Motivation

Ergonomics and biomechanics are are subjects of major socio-economic importance. The cost of musculo-skeletal injuries is rapidly increasing at the same time as the fundamental understanding of the mechanical function of the body leaves many open questions. Presently, the number of injuries caused by excessive use of computer mice is exploding, and yet the actual causes of many of these injuries remain a mystery, and it is therefore difficult to issue guidelines that will reduce the problems.

One of the best opportunities to further our basic understanding of the body's mechanical function is to create and verify mechanical models and then perform detailed studies of the behavior of these models. This requires mechanical, mathematical, and numerical expertise.

An attractive quality of such models is that they are equally well-suited to further the fundamental understanding of the body's function and to solve practical ergonomic problems. Typical examples of the latter are analysis and optimization of tools and workplaces and the design of sports equipment and hand tools for maximum efficiency.

How did it all begin?

Design of bicycles has been a passion at the Institute of Mechanical Engineering since the early nineties. The interest is originated in the institute's combination of activities in design optimization and advanced materials. In 1991-1992, a group of master's students, Anette Struve Nielsen, Torben Lindby, and Claus Jørgensen, designed and built a bicycle in carbon fiber and kevlar that was well ahead of its time.

The special thing about this bike was that it was about ten times as stiff as a conventional racing bike with the same weight. This was due to the combination of materials and optimized shape.

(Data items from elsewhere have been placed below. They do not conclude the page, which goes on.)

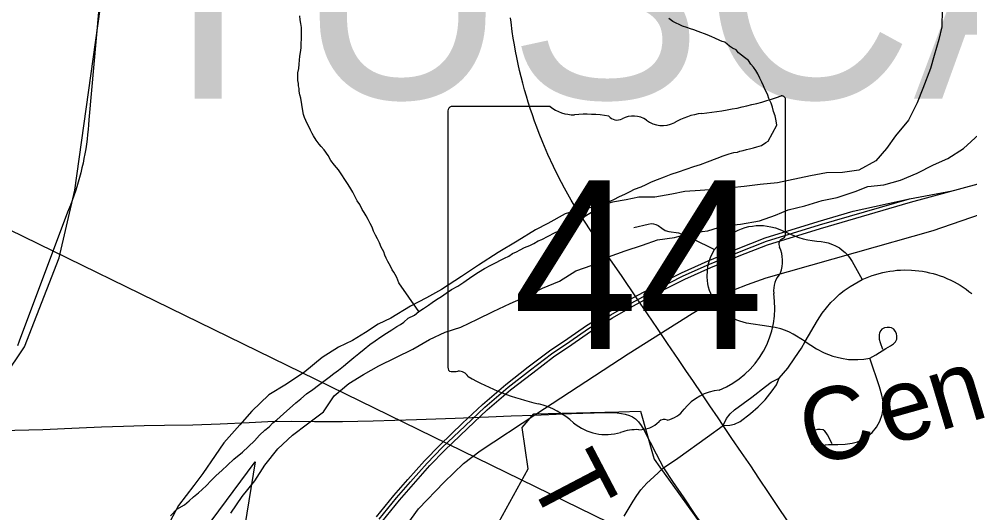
# Model space of a CAD drawing. Extents: x -6.1 to 38, y -7.7 to 22.
# Drawn here: x 5.97 to 6.713, y 18.842 to 19.227 of the extents above; entities that cross this region are included whole.
import ezdxf

# ---------------------------------------------------------------- set-up
doc = ezdxf.new("R2010")
doc.units = 0
for name, color, linetype in [('GM_X_City_Street', 7, 'Continuous'), ('GM_X_Corporation', 7, 'Continuous'), ('GM_X_County_Road', 7, 'Continuous'), ('GM_X_Major_River', 7, 'Continuous'), ('GM_X_Minor_River', 7, 'Continuous'), ('GM_X_Rail_Line', 7, 'Continuous'), ('GM_X_Rail_Line_Text', 7, 'Continuous'), ('GM_X_State_Location', 7, 'Continuous'), ('GM_X_State_Route', 7, 'Continuous'), ('GM_X_State_Shield', 7, 'Continuous'), ('GM_X_Township_Road', 7, 'Continuous'), ('GM_X_Township_Road_Text', 7, 'Continuous'), ('GM_X_Township_Text', 7, 'Continuous'), ('SH_Text', 7, 'Continuous')]:
    doc.layers.add(name, color=color, linetype=linetype)

msp = doc.modelspace()

# ---------------------------------------------------------------- linework, layer by layer
at = {"layer": 'GM_X_City_Street'}
for points in [[(6.45065, 19.06454), (6.46175, 19.06721), (6.46394, 19.06761), (6.4658, 19.06745), (6.46774, 19.06697), (6.4696, 19.06623), (6.47245, 19.064), (6.47502, 19.06227), (6.47785, 19.0613), (6.48538, 19.06042), (6.48829, 19.05944), (6.49598, 19.05588), (6.51351, 19.04728)], [(6.58441, 18.97548), (6.57768, 18.97978), (6.57498, 18.98132), (6.57219, 18.98271), (6.5691, 18.98403), (6.56543, 18.98532), (6.5609, 18.9864), (6.55596, 18.98716), (6.53845, 18.9899), (6.53585, 18.9905), (6.53334, 18.99127), (6.53087, 18.99222), (6.52846, 18.99335), (6.52562, 18.99497), (6.52339, 18.99645), (6.5213, 18.99809), (6.51937, 18.99985), (6.51752, 19.00176), (6.51581, 19.00378), (6.51425, 19.00593), (6.51288, 19.00817), (6.5116, 19.01051), (6.51056, 19.01293), (6.50966, 19.01541), (6.5089, 19.01796), (6.50839, 19.02054), (6.50801, 19.02317), (6.50781, 19.0258), (6.50801, 19.03109), (6.50839, 19.03371), (6.50891, 19.03629), (6.50967, 19.03884), (6.51077, 19.04177), (6.51351, 19.04728), (6.51746, 19.05175), (6.51946, 19.05389), (6.52154, 19.05587), (6.52439, 19.05814), (6.5268, 19.05976), (6.52936, 19.06121), (6.53197, 19.06249), (6.53467, 19.06358), (6.53742, 19.06448), (6.54026, 19.06519), (6.54311, 19.06569), (6.546, 19.06599), (6.54894, 19.0661), (6.55183, 19.06599), (6.55471, 19.06568), (6.5576, 19.06518), (6.56111, 19.06426), (6.56452, 19.06306), (6.57281, 19.05939), (6.57613, 19.05803), (6.57949, 19.05683), (6.5829, 19.05581), (6.58636, 19.05498), (6.58987, 19.05433), (6.59342, 19.05385), (6.59692, 19.05355), (6.59967, 19.05313), (6.60242, 19.05247), (6.60559, 19.05138), (6.60815, 19.05022), (6.61109, 19.04854), (6.61336, 19.0469), (6.61554, 19.04507), (6.61748, 19.04307), (6.61961, 19.04045), (6.62118, 19.0381), (6.62886, 19.02384)], [(6.5641, 18.94691), (6.57077, 18.9547), (6.57636, 18.96262), (6.58142, 18.97029), (6.58441, 18.97548), (6.59397, 18.99202), (6.59767, 18.99755), (6.60101, 19.00176), (6.60449, 19.0059), (6.60727, 19.00868), (6.6111, 19.01237), (6.61481, 19.01534), (6.61708, 19.017), (6.61945, 19.01858), (6.62886, 19.02384), (6.63413, 19.02612), (6.63679, 19.02708), (6.63948, 19.02794), (6.64223, 19.02871), (6.64503, 19.02939), (6.64758, 19.02993), (6.65038, 19.03041), (6.65323, 19.0308), (6.65607, 19.03109), (6.65891, 19.03128), (6.66176, 19.03137), (6.66744, 19.03126), (6.67023, 19.03105), (6.67308, 19.03075), (6.67592, 19.03035), (6.67872, 19.02984), (6.68146, 19.02925), (6.68426, 19.02855), (6.68696, 19.02776), (6.68966, 19.02687), (6.69236, 19.02589), (6.69496, 19.02483), (6.69814, 19.0234), (6.7006, 19.02215), (6.70307, 19.02082), (6.70543, 19.0194), (6.7078, 19.01791), (6.71008, 19.01633), (6.7123, 19.01467), (6.71448, 19.01294)], [(6.58441, 18.97548), (6.59321, 18.96968), (6.59925, 18.96652), (6.60602, 18.96392), (6.61263, 18.96234), (6.61824, 18.96148), (6.62541, 18.96139), (6.63021, 18.96179), (6.63484, 18.96259), (6.63946, 18.96509), (6.64723, 18.96999), (6.65106, 18.97211), (6.65341, 18.97358), (6.65495, 18.97513), (6.65582, 18.97735), (6.656, 18.97969), (6.65563, 18.9817), (6.65476, 18.98363), (6.6536, 18.98508), (6.65186, 18.98604), (6.65031, 18.98644), (6.64828, 18.98653), (6.6462, 18.98608), (6.64423, 18.98517), (6.64332, 18.98411), (6.64239, 18.98238), (6.6421, 18.98061), (6.64225, 18.97743), (6.64301, 18.97469), (6.64473, 18.96953)], [(6.60531, 18.89566), (6.60175, 18.90269), (6.60085, 18.9041), (6.5996, 18.90546), (6.59829, 18.90637), (6.59618, 18.90676), (6.59404, 18.90666), (6.59216, 18.90611), (6.59065, 18.90492), (6.58922, 18.90328), (6.58843, 18.90115), (6.58836, 18.89931), (6.58868, 18.89731), (6.58949, 18.89565), (6.59074, 18.89453), (6.59238, 18.89361), (6.59422, 18.89317), (6.59801, 18.89386), (6.60031, 18.8947), (6.60259, 18.89508), (6.60993, 18.89496), (6.61563, 18.89521), (6.62103, 18.89596), (6.62534, 18.89715), (6.62912, 18.89887), (6.633, 18.90125), (6.63667, 18.90438), (6.64012, 18.90858), (6.64271, 18.91322), (6.64454, 18.9184), (6.6453, 18.92304), (6.6454, 18.92649), (6.64498, 18.93005), (6.64411, 18.93361), (6.64238, 18.93998), (6.63484, 18.96259)], [(6.52032, 18.90992), (6.52549, 18.91002), (6.52919, 18.911), (6.53348, 18.91304), (6.54167, 18.91924), (6.54765, 18.92457), (6.55311, 18.92998), (6.55869, 18.93703), (6.56195, 18.94165), (6.5641, 18.94691)], [(6.52032, 18.90992), (6.52286, 18.91528), (6.52568, 18.91908), (6.52919, 18.92201), (6.54256, 18.93212), (6.55324, 18.94024), (6.55777, 18.9436), (6.5641, 18.94691)]]:
    msp.add_lwpolyline(points, dxfattribs=at)
at = {"layer": 'GM_X_Corporation'}
for points in [[(6.05133, 19.44458), (6.02484, 19.14859), (6.0246, 19.1448), (6.02431, 19.14102), (6.02393, 19.13724), (6.0235, 19.13348), (6.02298, 19.12971), (6.02241, 19.12595), (6.02179, 19.12221), (6.02108, 19.11848), (6.02032, 19.11476), (6.01951, 19.11107), (6.01861, 19.10737), (6.01766, 19.1037), (6.01662, 19.10005), (6.01552, 19.0964), (6.01439, 19.09279), (6.0132, 19.08919), (6.01192, 19.08562), (6.01059, 19.08206), (6.00831, 19.0765), (5.9704, 18.97578), (5.96908, 18.97223)], [(5.93858, 18.81896), (5.97794, 18.81995), (6.34227, 18.82912), (6.36798, 18.87608), (6.36335, 18.90837), (6.37231, 18.91892), (6.43888, 18.92061), (6.4557, 18.92104), (6.46568, 18.88615), (6.46644, 18.88349), (6.47084, 18.87738), (6.48566, 18.85674), (6.62273, 18.66603), (6.658, 18.6169), (6.66307, 18.60986), (6.66889, 18.60176), (6.66908, 18.60068), (6.67187, 18.58221), (6.67352, 18.57001), (6.68778, 18.46834), (6.69665, 18.40504), (7.00648, 18.41584)], [(6.08072, 18.78188), (6.15483, 18.88149), (6.13494, 18.75951)]]:
    msp.add_lwpolyline(points, dxfattribs=at)
at = {"layer": 'GM_X_County_Road'}
for points in [[(6.47378, 18.87668), (6.48491, 18.88443), (6.50803, 18.90105), (6.52032, 18.90992)], [(6.44301, 18.83916), (6.45004, 18.85081), (6.45274, 18.85512), (6.45587, 18.85952), (6.46078, 18.86476), (6.4661, 18.86975), (6.47378, 18.87668)]]:
    msp.add_lwpolyline(points, dxfattribs=at)
at = {"layer": 'GM_X_Major_River'}
for points in [[(6.69132, 19.23493), (6.69103, 19.22128), (6.68883, 19.21141), (6.68513, 19.19887), (6.68217, 19.18861), (6.67622, 19.17303), (6.67175, 19.162), (6.66503, 19.1483), (6.6549, 19.1361), (6.64778, 19.1262), (6.63952, 19.11666), (6.62633, 19.10937), (6.61349, 19.10739), (6.60101, 19.10731), (6.58854, 19.10495), (6.56286, 19.09947), (6.54925, 19.09825), (6.53679, 19.09665), (6.52658, 19.09544), (6.51335, 19.09422), (6.50239, 19.09339), (6.49029, 19.09255), (6.48009, 19.09059), (6.46687, 19.08823), (6.45439, 19.08814), (6.44457, 19.08618), (6.43399, 19.08422), (6.41965, 19.08033), (6.40718, 19.07835), (6.39699, 19.07525), (6.38343, 19.06758), (6.37362, 19.06259), (6.35931, 19.05377), (6.34462, 19.04495), (6.32918, 19.03499), (6.316, 19.02618), (6.30018, 19.01622), (6.2885, 19.0097), (6.27606, 19.00317), (6.26061, 18.99359), (6.25081, 18.98897), (6.24102, 18.98246), (6.23085, 18.97633), (6.21992, 18.97095), (6.20711, 18.9629), (6.19357, 18.95181), (6.17926, 18.94224), (6.16532, 18.9338), (6.15217, 18.9212), (6.14278, 18.91052), (6.13039, 18.89641), (6.12365, 18.88651), (6.11391, 18.87241), (6.10679, 18.86288), (6.09478, 18.84726), (6.08843, 18.83508)], [(6.13567, 18.84146), (6.14466, 18.85441), (6.15441, 18.86661), (6.16228, 18.8788), (6.1724, 18.89176), (6.18406, 18.90245), (6.19572, 18.91125), (6.20814, 18.92043), (6.21638, 18.933), (6.22804, 18.94256), (6.23934, 18.94984), (6.2514, 18.95636), (6.27779, 18.96943), (6.29098, 18.9771), (6.30304, 18.98287), (6.3155, 18.98674), (6.32832, 18.99289), (6.34076, 18.99904), (6.35395, 19.0052), (6.3664, 19.01059), (6.37922, 19.01712), (6.39242, 19.02252), (6.40522, 19.03056), (6.41805, 19.0352), (6.43087, 19.04173), (6.4437, 19.04636), (6.45728, 19.05062), (6.46898, 19.05487), (6.4822, 19.05685), (6.49504, 19.06035), (6.50827, 19.06196), (6.52072, 19.06583), (6.53395, 19.06705), (6.54868, 19.0698), (6.56114, 19.07406), (6.57094, 19.07829), (6.58416, 19.08141), (6.59775, 19.08567), (6.60946, 19.08803), (6.62342, 19.09267), (6.63323, 19.09652), (6.6457, 19.09774), (6.65891, 19.10162), (6.67173, 19.10701), (6.68455, 19.11354), (6.69586, 19.11855), (6.70791, 19.12621), (6.71995, 19.13728)], [(6.52043, 19.12057), (6.52496, 19.12217), (6.52875, 19.123), (6.5314, 19.12343), (6.53328, 19.12422), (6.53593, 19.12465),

We went on to do other projects on bicycle optimization. Lightness and stiffness are conflicting criteria. The weight can be minimized with a specified stiffness or vice versa, but one will always limit the other. We gradually realized that it was not possible to determine the best combination of the two by looking at the bicycle alone. We would have to investigate the rider and bicycle as one system.

From an efficiency point-of-view, stiffness is important because the body spends metabolic power on elastic deformations of the frame when the driving force pulsates from one pedal to the other. Knowing very little about bio but quite a lot about mechanics, we started the development of mechanical models of muscles and joints. A group of students, Peter From, Thue 

Møller Jensen, and John Flint, did the initial investigations but were unable to fully solve the problems related to redundancy in the system. Later, two Spanish guest students from the excellent technical university of Bilbao, Miguel Escartin and Leire Ibanez, used a quadratic optimality criterion to identify muscle forces in the arm while sawing. They were not toally successful in getting reasonable results either.

The mechanical problems of muscle recruitment were starting to catch the interest of a number of people in the department. Multiple informal discussions between Michael Hansen, Michael Damsgaard, and John Rasmussen lead to the conclusion that muscle recruitment could well be controlled by a min/max criterion. Michael Damsgaard and John Rasmussen developed a test algorithm for bicycling and found that not only did it produce very reasonable results, it was also extremely numerically efficient--so much that modeling, simulation and optimization of larger and more complex body assemblies would definitely be possible. A couple of conference papers were presented and received so well that we decided to go on with the work and apply for external funding. In the meantime, Michael Voigt had joined the group, providing some badly needed physiological expertise and access to the excellent lab facilities if the Center for Sensory-Motor Interaction.